Ils n'affichent pas nécessairement les mêmes valeurs, sont issus de milieux socioéconomiques différents, mais ils se distinguent par cette farouche volonté de ne pas attendre la mort les bras croisés. C'est d'ailleurs le leitmotiv de Marc-André Péloquin, dont les avions miniatures sillonnent le ciel ou retrouvent une nouvelle jeunesse dans son atelier. Les ciels de Ray Monde sont également traversés par divers objets et beaucoup de couleurs, mais pour cette artiste-peintre, ancienne élève du frère Jérôme, ses toiles constituent des commentaires sur l'état du monde et sur sa propre existence. L'art est également au centre de la vie de Reine Décarie, une religieuse pour qui la musique représentait sans doute sa véritable vocation, et qui a su partager ses talents avec des générations de chanteurs et de musiciens. Et ne parlez pas de retraite à des hommes comme Gérard Allaire et Jean Lacasse: le premier prend un soin méticuleux de son érablière tandis que l'autre s'émerveille des meubles anciens qu'il peut trouver (parce que de plus en plus rares) pour son magasin d'antiquités.

Au fil des jours et des saisons, ces héros du quotidien et de la longévité joyeuse nous expriment leur philosophie de vie, teintée autant de gros bon sens que de formules toutes faites, propos entrecoupés des sonorités parfois hésitantes de l'orchestre de Gaston Melançon.

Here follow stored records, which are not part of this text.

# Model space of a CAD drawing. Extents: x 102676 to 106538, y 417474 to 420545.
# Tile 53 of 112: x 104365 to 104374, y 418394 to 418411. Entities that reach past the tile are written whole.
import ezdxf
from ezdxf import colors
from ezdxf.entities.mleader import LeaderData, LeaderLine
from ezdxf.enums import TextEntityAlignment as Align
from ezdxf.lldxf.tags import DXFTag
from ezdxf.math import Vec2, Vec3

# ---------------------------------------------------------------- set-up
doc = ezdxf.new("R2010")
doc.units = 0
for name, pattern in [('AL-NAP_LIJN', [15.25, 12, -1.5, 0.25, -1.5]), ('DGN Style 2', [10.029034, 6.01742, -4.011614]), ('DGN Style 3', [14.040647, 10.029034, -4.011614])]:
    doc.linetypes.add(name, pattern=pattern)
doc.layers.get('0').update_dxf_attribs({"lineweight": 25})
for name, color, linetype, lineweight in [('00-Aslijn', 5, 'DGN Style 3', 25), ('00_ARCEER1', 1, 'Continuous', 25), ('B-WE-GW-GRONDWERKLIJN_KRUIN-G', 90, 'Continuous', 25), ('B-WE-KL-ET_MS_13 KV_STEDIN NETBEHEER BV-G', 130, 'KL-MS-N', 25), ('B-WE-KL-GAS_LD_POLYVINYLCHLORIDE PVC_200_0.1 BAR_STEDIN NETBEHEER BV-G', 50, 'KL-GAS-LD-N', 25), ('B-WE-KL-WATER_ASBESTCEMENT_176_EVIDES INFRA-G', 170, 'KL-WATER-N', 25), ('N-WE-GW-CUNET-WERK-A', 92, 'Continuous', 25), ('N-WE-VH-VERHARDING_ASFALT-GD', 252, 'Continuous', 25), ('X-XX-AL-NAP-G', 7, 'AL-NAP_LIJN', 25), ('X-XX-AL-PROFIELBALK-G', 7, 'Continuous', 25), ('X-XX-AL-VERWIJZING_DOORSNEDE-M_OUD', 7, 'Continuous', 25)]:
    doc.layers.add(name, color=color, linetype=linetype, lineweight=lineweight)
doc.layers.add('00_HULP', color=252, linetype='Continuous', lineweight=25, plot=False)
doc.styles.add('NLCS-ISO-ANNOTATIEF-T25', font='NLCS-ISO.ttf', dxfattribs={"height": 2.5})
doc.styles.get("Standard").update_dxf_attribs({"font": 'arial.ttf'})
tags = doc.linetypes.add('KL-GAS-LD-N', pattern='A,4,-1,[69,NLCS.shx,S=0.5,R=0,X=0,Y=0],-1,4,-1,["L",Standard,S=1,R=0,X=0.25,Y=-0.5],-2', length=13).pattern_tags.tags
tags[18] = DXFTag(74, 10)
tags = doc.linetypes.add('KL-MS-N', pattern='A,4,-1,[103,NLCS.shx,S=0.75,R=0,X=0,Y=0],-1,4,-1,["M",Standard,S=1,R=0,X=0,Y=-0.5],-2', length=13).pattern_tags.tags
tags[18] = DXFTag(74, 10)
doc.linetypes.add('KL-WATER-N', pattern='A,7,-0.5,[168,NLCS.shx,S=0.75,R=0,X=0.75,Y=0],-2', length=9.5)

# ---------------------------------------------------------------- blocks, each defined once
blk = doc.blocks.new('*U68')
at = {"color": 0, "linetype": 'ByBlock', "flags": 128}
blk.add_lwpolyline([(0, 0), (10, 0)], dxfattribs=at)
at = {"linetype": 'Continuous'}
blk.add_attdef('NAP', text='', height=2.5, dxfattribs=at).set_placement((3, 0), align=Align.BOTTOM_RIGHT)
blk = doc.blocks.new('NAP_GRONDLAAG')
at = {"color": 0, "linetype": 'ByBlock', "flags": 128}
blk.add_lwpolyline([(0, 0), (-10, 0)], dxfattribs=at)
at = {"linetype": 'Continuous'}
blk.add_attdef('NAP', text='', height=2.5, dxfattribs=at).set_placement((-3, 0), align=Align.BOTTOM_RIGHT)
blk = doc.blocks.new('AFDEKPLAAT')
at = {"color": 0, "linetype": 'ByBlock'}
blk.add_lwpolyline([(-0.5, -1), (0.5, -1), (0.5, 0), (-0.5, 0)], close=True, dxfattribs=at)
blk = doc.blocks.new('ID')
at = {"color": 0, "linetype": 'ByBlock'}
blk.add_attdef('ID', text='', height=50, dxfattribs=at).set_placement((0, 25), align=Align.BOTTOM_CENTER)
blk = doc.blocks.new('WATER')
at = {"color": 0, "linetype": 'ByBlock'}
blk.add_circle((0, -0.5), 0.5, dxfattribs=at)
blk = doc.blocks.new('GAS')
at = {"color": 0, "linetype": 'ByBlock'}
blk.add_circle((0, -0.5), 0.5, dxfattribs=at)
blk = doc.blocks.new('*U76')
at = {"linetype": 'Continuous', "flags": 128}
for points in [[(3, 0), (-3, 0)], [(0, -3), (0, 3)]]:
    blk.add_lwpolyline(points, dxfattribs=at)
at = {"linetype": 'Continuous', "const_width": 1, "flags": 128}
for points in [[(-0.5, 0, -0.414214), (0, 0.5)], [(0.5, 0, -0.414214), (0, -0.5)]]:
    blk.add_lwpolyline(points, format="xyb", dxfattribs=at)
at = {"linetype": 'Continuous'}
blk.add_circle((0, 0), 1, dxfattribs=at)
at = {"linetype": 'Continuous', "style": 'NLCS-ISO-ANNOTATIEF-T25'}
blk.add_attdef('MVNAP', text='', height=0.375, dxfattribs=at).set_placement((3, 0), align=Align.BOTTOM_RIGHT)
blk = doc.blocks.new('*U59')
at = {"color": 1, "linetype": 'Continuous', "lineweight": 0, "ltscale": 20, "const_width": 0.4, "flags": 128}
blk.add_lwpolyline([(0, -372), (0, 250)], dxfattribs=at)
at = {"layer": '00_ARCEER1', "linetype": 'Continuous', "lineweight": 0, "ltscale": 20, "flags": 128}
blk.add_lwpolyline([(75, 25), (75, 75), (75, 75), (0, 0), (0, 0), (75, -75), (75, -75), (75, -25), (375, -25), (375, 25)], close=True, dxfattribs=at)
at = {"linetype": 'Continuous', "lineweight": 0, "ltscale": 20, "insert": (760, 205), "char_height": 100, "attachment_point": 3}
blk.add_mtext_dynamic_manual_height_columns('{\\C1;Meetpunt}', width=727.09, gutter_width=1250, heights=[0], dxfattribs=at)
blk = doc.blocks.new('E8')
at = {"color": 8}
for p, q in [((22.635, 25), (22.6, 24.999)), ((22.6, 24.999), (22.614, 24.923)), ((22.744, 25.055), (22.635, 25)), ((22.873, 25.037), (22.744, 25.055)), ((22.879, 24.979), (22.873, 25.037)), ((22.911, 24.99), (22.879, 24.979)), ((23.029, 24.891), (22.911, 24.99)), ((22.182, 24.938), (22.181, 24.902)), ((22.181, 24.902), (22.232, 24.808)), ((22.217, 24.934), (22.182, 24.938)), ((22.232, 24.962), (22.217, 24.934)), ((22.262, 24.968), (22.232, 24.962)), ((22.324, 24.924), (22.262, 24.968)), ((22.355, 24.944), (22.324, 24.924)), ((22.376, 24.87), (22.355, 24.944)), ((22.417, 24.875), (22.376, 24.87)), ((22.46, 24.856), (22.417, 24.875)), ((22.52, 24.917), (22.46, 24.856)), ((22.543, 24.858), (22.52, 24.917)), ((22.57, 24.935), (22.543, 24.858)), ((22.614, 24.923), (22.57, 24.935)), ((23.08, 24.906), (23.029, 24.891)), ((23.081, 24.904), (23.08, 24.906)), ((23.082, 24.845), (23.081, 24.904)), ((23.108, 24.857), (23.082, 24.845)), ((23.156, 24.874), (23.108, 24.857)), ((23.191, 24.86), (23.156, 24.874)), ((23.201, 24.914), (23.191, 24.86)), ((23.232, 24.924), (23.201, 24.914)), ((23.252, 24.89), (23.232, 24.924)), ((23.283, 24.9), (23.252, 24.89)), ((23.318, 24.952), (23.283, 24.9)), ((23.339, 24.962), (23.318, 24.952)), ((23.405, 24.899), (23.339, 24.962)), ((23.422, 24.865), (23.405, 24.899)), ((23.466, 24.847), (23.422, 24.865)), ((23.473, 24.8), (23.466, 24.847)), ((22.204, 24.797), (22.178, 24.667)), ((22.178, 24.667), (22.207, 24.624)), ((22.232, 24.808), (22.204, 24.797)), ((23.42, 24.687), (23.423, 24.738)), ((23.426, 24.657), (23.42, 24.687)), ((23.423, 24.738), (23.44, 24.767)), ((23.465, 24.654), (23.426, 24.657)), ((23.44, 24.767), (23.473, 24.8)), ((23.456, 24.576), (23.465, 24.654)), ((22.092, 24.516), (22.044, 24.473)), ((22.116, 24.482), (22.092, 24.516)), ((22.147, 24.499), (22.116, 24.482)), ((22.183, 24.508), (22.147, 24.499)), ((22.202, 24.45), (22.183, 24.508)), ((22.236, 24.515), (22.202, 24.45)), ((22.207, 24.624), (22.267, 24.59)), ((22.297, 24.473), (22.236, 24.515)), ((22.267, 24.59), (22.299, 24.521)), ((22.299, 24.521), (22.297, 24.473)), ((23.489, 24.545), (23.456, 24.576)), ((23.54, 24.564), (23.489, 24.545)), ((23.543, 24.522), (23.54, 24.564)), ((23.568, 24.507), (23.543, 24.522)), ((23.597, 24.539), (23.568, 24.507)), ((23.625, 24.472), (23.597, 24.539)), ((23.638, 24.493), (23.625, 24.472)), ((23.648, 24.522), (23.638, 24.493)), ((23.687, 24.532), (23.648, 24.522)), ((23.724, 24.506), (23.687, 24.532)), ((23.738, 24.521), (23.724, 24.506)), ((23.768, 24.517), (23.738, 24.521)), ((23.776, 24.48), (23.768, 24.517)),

Or c'est en les voyant s'animer, le regard lumineux et la démarche fière (bien que certains soient limités par un fauteuil roulant, un coeur capricieux ou une main tremblotante), que les personnages de Giguère nous convainquent davantage de la solidité de leur dernière jeunesse. Évidemment, certains secrets de leur fontaine de Jouvence sont évoqués avec discrétion, et il ne faut pas minimiser la présence d'un conjoint aimé, dont l'imminence de la mort ou la maladie les rend encore plus précieux. C'est ainsi que le cinéaste saisit le désespoir de Ray Monde, à un point décisif de sa vie conjugale, ou la colère sourde de Jean Lacasse, dont l'épouse, que par pudeur on ne voit pas, est clouée au lit, et pour longtemps.

Personne, pas même les vedettes d'À force de rêves, ne prétend que vieillir ressemble à un jardin de roses. Tous les âges de la vie peuvent devenir des courses à obstacles, mais les personnages du film de Serge Giguère se révèlent de véritables marathoniens, possédant autant de coeur que de souffle.